# PW about 3/4 power+killing....



## paint2ski (Jan 20, 2011)

Rigid w/subaru engine purchased at home depot running about 3/4 power and killing when I release trigger. Runs when trigger is pressed but not full power. Why do I go through a pw once a year or at best every 2 years. Kept this one in the basement during the cold season hoping that would prevent any problems....guess not... anyone had this problem?

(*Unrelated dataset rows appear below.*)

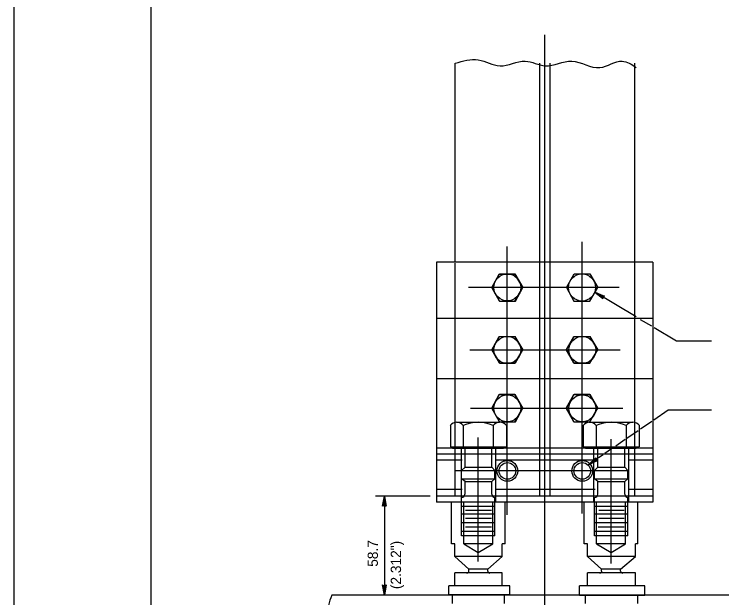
# Model space of a CAD drawing. Extents: x 637580 to 641008, y 294594 to 295782.
# Drawn here: x 637580.3 to 637787.5, y 294775.6 to 294946.5 of the extents above; entities that cross this region are included whole.
import ezdxf

# ---------------------------------------------------------------- set-up
doc = ezdxf.new("R2010")
doc.units = 0
for name, color, linetype in [('1', 7, 'Continuous'), ('2', 7, 'Continuous'), ('3', 7, 'Continuous'), ('PLT-BNDY', 7, 'Continuous')]:
    doc.layers.add(name, color=color, linetype=linetype)

# ---------------------------------------------------------------- blocks, each defined once
blk = doc.blocks.new('RARROW')
at = {"layer": '3'}
blk.add_lwpolyline([(-2.2695, 0.285), (-2.184875, 0.12075), (0, 0), (-2.2695, 0.285), (-2.38575, 0.384625), (0, 0), (-2.183125, -0.108), (-2.262875, -0.2705), (0, 0), (-2.38575, -0.379125), (-2.262875, -0.2705)], dxfattribs=at)

msp = doc.modelspace()

# ---------------------------------------------------------------- linework, layer by layer
at = {"layer": '1'}
msp.add_line((637620.31, 295172.63), (637620.31, 294608.63), dxfattribs=at)
at = {"layer": '2'}
for p, q in [((637735.69, 294688.38), (637735.69, 294940.5)), ((637709.44, 294873.88), (637709.44, 294932.13)), ((637734.19, 294805.38), (637734.19, 294932.13)), ((637737.19, 294805.38), (637737.19, 294932.13)), ((637762.06, 294873.63), (637762.06, 294932.13)), ((637746.56, 294800.25), (637746.56, 294879.88)), ((637724.69, 294799.88), (637724.69, 294878.5)), ((637767.31, 294873.88), (637703.94, 294873.88)), ((637703.94, 294873.88), (637703.94, 294805.38)), ((637709.44, 294805.38), (637709.44, 294873.63)), ((637762.06, 294857.96), (637762.06, 294873.63)), ((637767.31, 294873.88), (637767.31, 294805.38)), ((637720.19, 294866.5), (637722.44, 294870.5)), ((637720.19, 294866.5), (637722.31, 294870.38)), ((637722.31, 294870.38), (637726.94, 294870.38)), ((637722.44, 294870.5), (637726.94, 294870.5)), ((637726.94, 294870.5), (637729.19, 294866.5)), ((637729.19, 294866.5), (637726.94, 294870.38)), ((637742.06, 294866.5), (637744.31, 294870.5)), ((637744.31, 294870.5), (637748.81, 294870.5)), ((637748.81, 294870.5), (637751.19, 294866.5)), ((637757.44, 294866.5), (637713.31, 294866.5)), ((637720.19, 294866.5), (637722.44, 294862.5)), ((637722.44, 294862.5), (637720.19, 294866.5)), ((637724.69, 294866.5), (637724.69, 294866.5)), ((637724.69, 294866.5), (637724.69, 294866.5)), ((637724.69, 294866.5), (637724.69, 294866.5)), ((637726.94, 294862.5), (637729.19, 294866.5)), ((637727.06, 294862.5), (637729.19, 294866.5)), ((637742.06, 294866.5), (637744.19, 294862.5)), ((637746.56, 294866.5), (637746.56, 294866.5)), ((637746.56, 294866.5), (637746.56, 294866.5)), ((637746.56, 294866.5), (637746.56, 294866.5)), ((637748.81, 294862.5), (637751.19, 294866.5)), ((637748.81, 294862.5), (637751.19, 294866.5)), ((637762.39, 294857.83), (637750.33, 294865.06)), ((637722.44, 294862.5), (637727.06, 294862.5)), ((637722.44, 294862.5), (637726.94, 294862.5)), ((637744.19, 294862.5), (637748.81, 294862.5)), ((637767.31, 294857.38), (637703.94, 294857.38)), ((637762.06, 294805.38), (637762.06, 294857.89)), ((637766.96, 294855.09), (637763.72, 294857.03)), ((637774.19, 294850.75), (637767.71, 294854.64)), ((637720.19, 294848.25), (637722.44, 294852.13)), ((637720.19, 294848.25), (637722.31, 294852.13)), ((637722.31, 294852.13), (637726.94, 294852.13)), ((637722.44, 294852.13), (637726.94, 294852.13)), ((637726.94, 294852.13), (637729.19, 294848.25)), ((637729.19, 294848.25), (637726.94, 294852.13)), ((637741.94, 294848.25), (637744.19, 294852.13)), ((637742.06, 294848.25), (637744.31, 294852.13)), ((637744.19, 294852.13), (637748.81, 294852.13)), ((637744.31, 294852.13), (637748.81, 294852.13)), ((637748.81, 294852.13), (637751.19, 294848.25)), ((637751.19, 294848.25), (637748.81, 294852.13)), ((637784.46, 294850.75), (637774.19, 294850.75)), ((637757.69, 294848.13), (637713.69, 294848.13)), ((637720.19, 294848.25), (637722.44, 294844.38)), ((637722.44, 294844.25), (637720.19, 294848.25)), ((637724.69, 294848.13), (637724.69, 294848.13)), ((637724.69, 294848.13), (637724.69, 294848.13)), ((637724.69, 294848.13), (637724.69, 294848.13)), ((637726.94, 294844.25), (637729.19, 294848.25)), ((637727.06, 294844.38), (637729.19, 294848.25)), ((637744.19, 294844.25), (637741.94, 294848.25)), ((637742.06, 294848.25), (637744.19, 294844.38)), ((637746.56, 294848.13), (637746.56, 294848.13)), ((637746.56, 294848.13), (637746.56, 294848.13)), ((637746.56, 294848.13), (637746.56, 294848.13)), ((637748.81, 294844.38), (637751.19, 294848.25)), ((637748.81, 294844.25), (637751.19, 294848.25)), ((637722.44, 294844.38), (637727.06, 294844.38)), ((637722.44, 294844.25), (637726.94, 294844.25)), ((637744.19, 294844.38), (637748.81, 294844.38)), ((637744.19, 294844.25), (637748.81, 294844.25)), ((637767.31, 294839.75), (637703.94, 294839.75)), ((637720.19, 294831), (637722.44, 294835.25)), ((637720.19, 294831.13), (637722.31, 294835.13)), ((637722.31, 294835.13), (637726.94, 294835.13)), ((637722.44, 294835.25), (637726.94, 294835.25)), ((637726.94, 294835.25), (637729.19, 294831.13)), ((637729.19, 294831.13), (637726.94, 294835.13)), ((637741.94, 294831.13), (637744.19, 294835.13)), ((637742.06, 294831), (637744.31, 294835.25)), ((637744.19, 294835.13), (637748.81, 294835.13)), ((637744.31, 294835.25), (637748.81, 294835.25)), ((637748.81, 294835.25), (637751.19, 294831.13)), ((637751.19, 294831.13), (637748.81, 294835.13)), ((637758.56, 294831), (637713.94, 294831)), ((637722.44, 294827.13), (637720.19, 294831.13)), ((637720.19, 294831), (637722.44, 294827.13)), ((637724.69, 294831), (637724.69, 294831)), ((637724.69, 294831), (637724.69, 294831)), ((637724.69, 294831), (637724.69, 294831)), ((637726.94, 294827.13), (637729.19, 294831.13)), ((637727.06, 294827.13), (637729.19, 294831.13)), ((637744.19, 294827.13), (637741.94, 294831.13)), ((637742.06, 294831), (637744.19, 294827.13)), ((637746.56, 294831), (637746.56, 294831)), ((637746.56, 294831), (637746.56, 294831)), ((637746.56, 294831), (637746.56, 294831)), ((637748.81, 294827.13), (637751.19, 294831.13)), ((637748.81, 294827.13), (637751.19, 294831.13)), ((637771.79, 294830.51), (637767.61, 294827.65)), ((637784.46, 294830.51), (637771.79, 294830.51)), ((637708.06, 294826.13), (637708.06, 294826.13)), ((637708.06, 294826.13), (637708.06, 294819.75)), ((637709.81, 294827), (637709.81, 294827)), ((637709.81, 294827), (637711.81, 294827)), ((637711.81, 294827), (637720.56, 294827)), ((637711.81, 294826.13), (637711.81, 294819.75)), ((637711.81, 294826.13), (637711.81, 294826.13)), ((637716.19, 294827), (637716.19, 294827)), ((637720.56, 294827), (637722.44, 294827)), ((637720.56, 294826.13), (637720.56, 294819.75)), ((637720.56, 294826.13), (637720.56, 294826.13)), ((637722.44, 294827.13), (637727.06, 294827.13)), ((637722.44, 294827.13), (637726.94, 294827.13)), ((637722.44, 294827), (637722.44, 294827)), ((637724.44, 294826.13), (637724.44, 294826.13)), ((637724.44, 294826.13), (637724.44, 294819.75)), ((637744.19, 294827.13), (637748.81, 294827.13)), ((637744.19, 294827.13), (637748.81, 294827.13)), ((637746.94, 294826.13), (637746.94, 294826.13)), ((637746.94, 294826.13), (637746.94, 294819.75)), ((637748.69, 294827), (637748.69, 294827)), ((637748.69, 294827), (637750.69, 294827)), ((637750.69, 294827), (637759.44, 294827)), ((637750.69, 294826.13), (637750.69, 294819.75)), ((637750.69, 294826.13), (637750.69, 294826.13)), ((637755.06, 294827), (637755.06, 294827)), ((637759.44, 294827), (637761.44, 294827)), ((637759.44, 294826.13), (637759.44, 294819.75)), ((637759.44, 294826.13), (637759.44, 294826.13)), ((637761.44, 294827), (637761.44, 294827)), ((637763.31, 294826.13), (637763.31, 294826.13)), ((637763.31, 294826.13), (637763.31, 294819.75)), ((637766.98, 294827.21), (637763.65, 294824.94)), ((637763, 294824.48), (637759.65, 294822.19)), ((637716.19, 294786.25), (637716.19, 294822.5)), ((637755.06, 294785.63), (637755.06, 294822)), ((637759.23, 294821.9), (637756.44, 294819.99)), ((637708.06, 294819.75), (637724.44, 294819.75)), ((637708.69, 294819.38), (637708.56, 294819.75)), ((637712.31, 294813.88), (637712.31, 294819.75)), ((637720.19, 294813.88), (637720.19, 294819.75)), ((637723.56, 294819.38), (637723.56, 294819.75)), ((637746.94, 294819.75), (637763.31, 294819.75)), ((637747.56, 294819.38), (637747.44, 294819.75)), ((637751.19, 294813.88), (637751.19, 294819.75)), ((637759.06, 294813.88), (637759.06, 294819.75)), ((637762.44, 294819.38), (637762.56, 294819.75)), ((637711.44, 294819.38), (637703.94, 294819.38)), ((637767.31, 294817.63), (637703.94, 294817.63)), ((637708.69, 294819.38), (637723.56, 294819.38)), ((637711.19, 294819.38), (637711.19, 294803.63)), ((637716.19, 294819.38), (637716.19, 294819.38)), ((637716.19, 294819.38), (637716.19, 294819.38)), ((637721.31, 294803.63), (637721.31, 294819.38)), ((637750.44, 294819.38), (637721.31, 294819.38)), ((637747.56, 294819.38), (637762.44, 294819.38)), ((637749.94, 294819.38), (637749.94, 294803.5)), ((637752.75, 294817.46), (637751.4, 294816.53)), ((637755.24, 294819.16), (637753.29, 294817.83)), ((637755.06, 294819.38), (637755.06, 294819.38)), ((637755.06, 294819.38), (637755.06, 294819.38)), ((637767.31, 294819.38), (637760.19, 294819.38)), ((637760.31, 294803.63), (637760.31, 294819.38)), ((637711.44, 294815.88), (637703.94, 294815.88)), ((637749.94, 294815.88), (637721.31, 294815.88)), ((637751.01, 294816.27), (637748.44, 294814.5)), ((637767.31, 294815.88), (637760.19, 294815.88)), ((637711.31, 294812.88), (637712.31, 294813.88)), ((637712.31, 294813.88), (637720.19, 294813.88)), ((637721.06, 294812.88), (637720.19, 294813.88)), ((637750.19, 294812.88), (637751.19, 294813.88)), ((637751.19, 294813.88), (637759.06, 294813.88)), ((637759.94, 294812.88), (637759.06, 294813.88)), ((637709.31, 294812.88), (637758.06, 294812.88)), ((637711.31, 294812.88), (637721.06, 294812.88)), ((637711.31, 294810.38), (637711.31, 294812.88)), ((637716.19, 294812.88), (637716.19, 294812.88)), ((637721.06, 294810.38), (637721.06, 294812.88)), ((637724.69, 294812.88), (637724.69, 294812.88)), ((637746.56, 294812.88), (637746.56, 294812.88)), ((637750.19, 294812.88), (637759.94, 294812.88)), ((637750.19, 294810.38), (637750.19, 294812.88)), ((637755.06, 294812.88), (637755.06, 294812.88)), ((637759.94, 294810.38), (637759.94, 294812.88)), ((637711.31, 294810.38), (637721.06, 294810.38)), ((637712.31, 294809.63), (637711.31, 294810.38)), ((637712.31, 294805.88), (637712.31, 294809.63)), ((637712.31, 294809.63), (637720.19, 294809.63)), ((637720.19, 294809.63), (637721.06, 294810.38)), ((637720.19, 294805.88), (637720.19, 294809.63)), ((637750.19, 294810.38), (637759.94, 294810.38)), ((637751.19, 294809.63), (637750.19, 294810.38)), ((637751.19, 294805.88), (637751.19, 294809.63)), ((637751.19, 294809.63), (637759.06, 294809.63)), ((637759.06, 294809.63), (637759.94, 294810.38)), ((637759.06, 294805.88), (637759.06, 294809.63)), ((637711.44, 294807.25), (637703.94, 294807.25)), ((637750.44, 294807.25), (637721.31, 294807.25)), ((637767.31, 294807.25), (637760.19, 294807.25)), ((637702.06, 294805.38), (637686.06, 294805.38)), ((637688.69, 294805.38), (637688.69, 294776.38)), ((637703.94, 294805.38), (637703.94, 294803.63)), ((637767.31, 294805.38), (637703.94, 294805.38)), ((637735.69, 294805.38), (637735.69, 294805.38)), ((637767.31, 294805.38), (637767.31, 294803.63)), ((637767.31, 294803.63), (637703.94, 294803.63)), ((637709.94, 294803.63), (637704.56, 294803.63)), ((637708.31, 294791.38), (637708.31, 294803.63)), ((637711.31, 294803.63), (637710.44, 294803.63)), ((637711.31, 294793.75), (637711.31, 294805)), ((637711.94, 294791.38), (637711.94, 294803.63)), ((637716.19, 294803.63), (637716.19, 294803.63)), ((637716.19, 294803.63), (637716.19, 294803.63)), ((637720.44, 294791.38), (637720.44, 294803.63)), ((637721.06, 294793.75), (637721.06, 294805)), ((637724.06, 294791.38), (637724.06, 294803.63)), ((637735.69, 294803.63), (637735.69, 294803.63)), ((637735.69, 294803.63), (637735.69, 294803.63)), ((637747.19, 294791.38), (637747.19, 294803.63)), ((637750.19, 294793.75), (637750.19, 294805)), ((637750.81, 294791.38), (637750.81, 294803.63)), ((637755.06, 294803.63), (637755.06, 294803.63)), ((637755.06, 294803.63), (637755.06, 294803.63)), ((637759.31, 294791.38), (637759.31, 294803.63)), ((637759.94, 294793.75), (637759.94, 294805)), ((637762.94, 294791.38), (637762.94, 294803.63)), ((637711.31, 294802.38), (637721.06, 294802.38)), ((637712.44, 294801.25), (637720.06, 294801.25)), ((637750.19, 294802.38), (637759.94, 294802.38)), ((637751.44, 294801.25), (637758.94, 294801.25)), ((637711.31, 294800.13), (637721.06, 294800.13)), ((637712.44, 294798.88), (637720.06, 294798.88)), ((637750.19, 294800.13), (637759.94, 294800.13)), ((637751.44, 294798.88), (637758.94, 294798.88)), ((637711.31, 294797.63), (637721.06, 294797.63)), ((637750.19, 294797.63), (637759.94, 294797.63)), ((637711.31, 294795.13), (637721.06, 294795.13)), ((637712.44, 294796.38), (637720.06, 294796.38)), ((637716.19, 294795.13), (637716.19, 294795.13)), ((637750.19, 294795.13), (637759.94, 294795.13)), ((637751.31, 294796.38), (637758.94, 294796.38)), ((637755.06, 294795.13), (637755.06, 294795.13)), ((637721.06, 294793.75), (637711.31, 294793.75)), ((637759.94, 294793.75), (637750.19, 294793.75)), ((637709.31, 294791.38), (637708.31, 294791.38)), ((637709.31, 294787.63), (637709.31, 294791.38)), ((637720.44, 294791.38), (637711.94, 294791.38)), ((637711.94, 294791.38), (637716.19, 294788.88)), ((637716.19, 294788.88), (637720.44, 294791.38)), ((637723.19, 294787.63), (637723.19, 294791.38)), ((637724.06, 294791.38), (637723.19, 294791.38)), ((637748.19, 294791.38), (637747.19, 294791.38)), ((637748.19, 294787.63), (637748.19, 294791.38)), ((637759.31, 294791.38), (637750.81, 294791.38)), ((637750.81, 294791.38), (637755.06, 294788.88)), ((637755.06, 294788.88), (637759.31, 294791.38)), ((637762.19, 294787.63), (637762.19, 294791.38)), ((637762.94, 294791.38), (637762.19, 294791.38)), ((637716.19, 294788.88), (637716.19, 294788.88)), ((637755.06, 294788.88), (637755.06, 294788.88)), ((637713.44, 294784), (637709.31, 294787.63)), ((637723.19, 294787.63), (637709.31, 294787.63)), ((637718.94, 294784), (637723.19, 294787.63)), ((637752.31, 294784), (637748.19, 294787.63)), ((637762.19, 294787.63), (637748.19, 294787.63)), ((637757.81, 294784), (637762.19, 294787.63)), ((637709.31, 294779.13), (637709.31, 294782.88)), ((637723.19, 294782.88), (637709.31, 294782.88)), ((637713.44, 294783.38), (637713.44, 294784)), ((637718.94, 294784), (637713.44, 294784)), ((637718.94, 294783.38), (637718.94, 294784)), ((637723.19, 294779.13), (637723.19, 294782.88)), ((637748.19, 294779.13), (637748.19, 294782.88)), ((637762.19, 294782.88), (637748.19, 294782.88)), ((637752.31, 294783.38), (637752.31, 294784)), ((637757.81, 294784), (637752.31, 294784)), ((637757.81, 294783.38), (637757.81, 294784)), ((637762.19, 294779.13), (637762.19, 294782.88)), ((637725.44, 294779.13), (637707.56, 294779.13)), ((637707.56, 294776.5), (637707.56, 294779.13)), ((637716.19, 294779.13), (637716.19, 294779.13)), ((637725.44, 294776.5), (637725.44, 294779.13)), ((637764.94, 294779.13), (637745.81, 294779.13)), ((637745.81, 294776.38), (637745.81, 294779.13)), ((637755.06, 294779.13), (637755.06, 294779.13)), ((637764.94, 294776.38), (637764.94, 294779.13)), ((637794.44, 294776.38), (637673.31, 294776.38)), ((637707.56, 294776.5), (637725.44, 294776.5)), ((637708.69, 294773.88), (637708.69, 294776.5)), ((637723.81, 294776.5), (637723.81, 294773.88)), ((637745.81, 294776.38), (637764.94, 294776.38)), ((637747.56, 294773.88), (637747.56, 294776.38)), ((637762.81, 294776.38), (637762.81, 294773.88))]:
    msp.add_line(p, q, dxfattribs=at)
for centre, major_axis in [((637724.71, 294866.49), (0, 3.97)), ((637724.71, 294866.49), (0, -3.97)), ((637746.56, 294866.47), (0, 3.97)), ((637724.71, 294848.17), (0, 3.97)), ((637724.71, 294848.17), (0, -3.97)), ((637746.63, 294848.17), (0, 3.97)), ((637746.63, 294848.17), (0, -3.97)), ((637724.71, 294831.07), (0, 3.97)), ((637724.71, 294831.07), (0, -3.97)), ((637746.63, 294831.07), (0, 3.97)), ((637746.63, 294831.07), (0, -3.97)), ((637724.71, 294812.74), (0, 3.05)), ((637746.63, 294812.74), (0, 3.05)), ((637724.71, 294812.74), (0, 2.44)), ((637746.63, 294812.74), (0, 2.44))]:
    msp.add_ellipse(centre, major_axis=major_axis, ratio=0.996388, dxfattribs=at)
for centre, major_axis, start_param, end_param in [((637709.89, 294824.58), (0, -2.39), 2.218404, 4.064781), ((637716.18, 294816.23), (0, -10.74), 2.718335, 3.56485), ((637722.5, 294824.53), (0, -2.44), 2.228521, 4.054665), ((637748.82, 294824.58), (0, -2.39), 2.218404, 4.064781), ((637755.11, 294816.23), (0, -10.74), 2.718335, 3.56485), ((637761.43, 294824.53), (0, -2.44), 2.228521, 4.054665), ((637711.34, 294805.9), (0, 0.914), 3.141593, 4.712389), ((637721.07, 294805.9), (0, -0.914), 4.712389, 6.283185), ((637750.27, 294805.9), (0, 0.914), 3.141593, 4.712389), ((637760, 294805.9), (0, -0.914), 4.712389, 6.283185), ((637712.86, 294783.42), (0, 0.61), 3.141593, 4.712389), ((637719.55, 294783.42), (0, -0.61), 4.712389, 6.283185), ((637751.79, 294783.42), (0, 0.61), 3.141593, 4.712389), ((637758.48, 294783.42), (0, -0.61), 4.712389, 6.283185)]:
    msp.add_ellipse(centre, major_axis=major_axis, ratio=0.996388, start_param=start_param, end_param=end_param, dxfattribs=at)
for points in [[(637709.44, 294932.13), (637716.19, 294933.13), (637722.56, 294931.38), (637729.94, 294932.75), (637735.81, 294931.38), (637743.56, 294932.75), (637751.81, 294930.88), (637758.31, 294932.75), (637762.44, 294930.88)], [(637673.31, 294776.38), (637671.94, 294770.25), (637674.06, 294761.75), (637672.31, 294752.38), (637674.06, 294742.13), (637671.94, 294731.38), (637673.69, 294719.75), (637671.56, 294711.13), (637674.06, 294704.88), (637672.81, 294698.13)]]:
    msp.add_spline(points, degree=3, dxfattribs=at)
at = {"layer": 'PLT-BNDY'}
msp.add_lwpolyline([(637580.31, 295187.63), (638421.31, 295187.63), (638421.31, 294593.63), (637580.31, 294593.63)], close=True, dxfattribs=at)

# ---------------------------------------------------------------- block references
at = {"layer": '2'}
for p, xscale, yscale, rotation in [((637750.33, 294865.06), 1.2574347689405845, 1.3092961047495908, 149.40575640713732), ((637748.44, 294814.5), 1.2574347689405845, 1.3092961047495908, -145.39273517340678), ((637688.69, 294805.38), 1.2574347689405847, 1.3092961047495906, 89.99999999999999), ((637688.69, 294776.38), 1.2574347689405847, 1.3092961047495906, -90.00000000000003)]:
    msp.add_blockref('RARROW', p, dxfattribs=dict(at, xscale=xscale, yscale=yscale, rotation=rotation))

# ---------------------------------------------------------------- texts
at = {"layer": '1'}
for s, p in [('58.7 ', (637686.8, 294784.66)), ('(2.312")', (637693.58, 294778.12))]:
    msp.add_text(s, height=3, rotation=90, dxfattribs=at).set_placement(p)

doc.saveas('drawing.dxf')

The pump works like normal so I am thinking something with the engine....or something inbetween...


----------



## Ultimate (Mar 20, 2011)

Is your chemical injection up or downstream?


----------



## Lambrecht (Feb 8, 2010)

The subaru engine is crap. Bought one about six years ago and did two houses then it died halfway thru the third. Buy a Honda and you wont have any troubles. Get one that has at least a 10hp engine and will automatically shut off if the oil gets low.


----------



## PressurePros (May 6, 2007)

paint2ski said:


> Rigid w/subaru engine purchased at home depot running about 3/4 power and killing when I release trigger. Runs when trigger is pressed but not full power. Why do I go through a pw once a year or at best every 2 years. Kept this one in the basement during the cold season hoping that would prevent any problems....guess not... anyone had this problem?
> 
> The pump works like normal so I am thinking something with the engine....or something inbetween...


My guess is..



paint2ski said:


> *Rigid w/subaru engine purchased at home depot *


----------



## Retired From Paint (Jun 12, 2011)

Sounds like maybe the unloader valve if it has one.
This is just my opinion subject to change but i dont think Home Depot, Lowes Etc. sells any proffessional equipment that i have seen. Even the name brands make stuff
just for them. Use your hard earned money and buy stuff that lasts and you can rely on.

Best of luck


----------



## Sirocco Jerry (Sep 10, 2011)

*Pressure washer pressure low, and stalls when gun is off*

may I lend a hand here ??..
First, yes, the *unloader valve* is the failure here.
The Unloader takes the biggest beating in the trigger-gun systems..
It regulates the pressure, but the "set-point" is the spike-pressure at the moment you release the trigger.
It has to be set perfectly, if you want long-term-low-cost whilst running the machine at PEAK-pressure.
They wear out at least twice as fast as the water-seals, under "perfect conditions"... that is, 2 years max between 4th year seal-kits.
If the seals are overherated, they waer prematurely, and the valve gets "sticky", then fails to unload completely.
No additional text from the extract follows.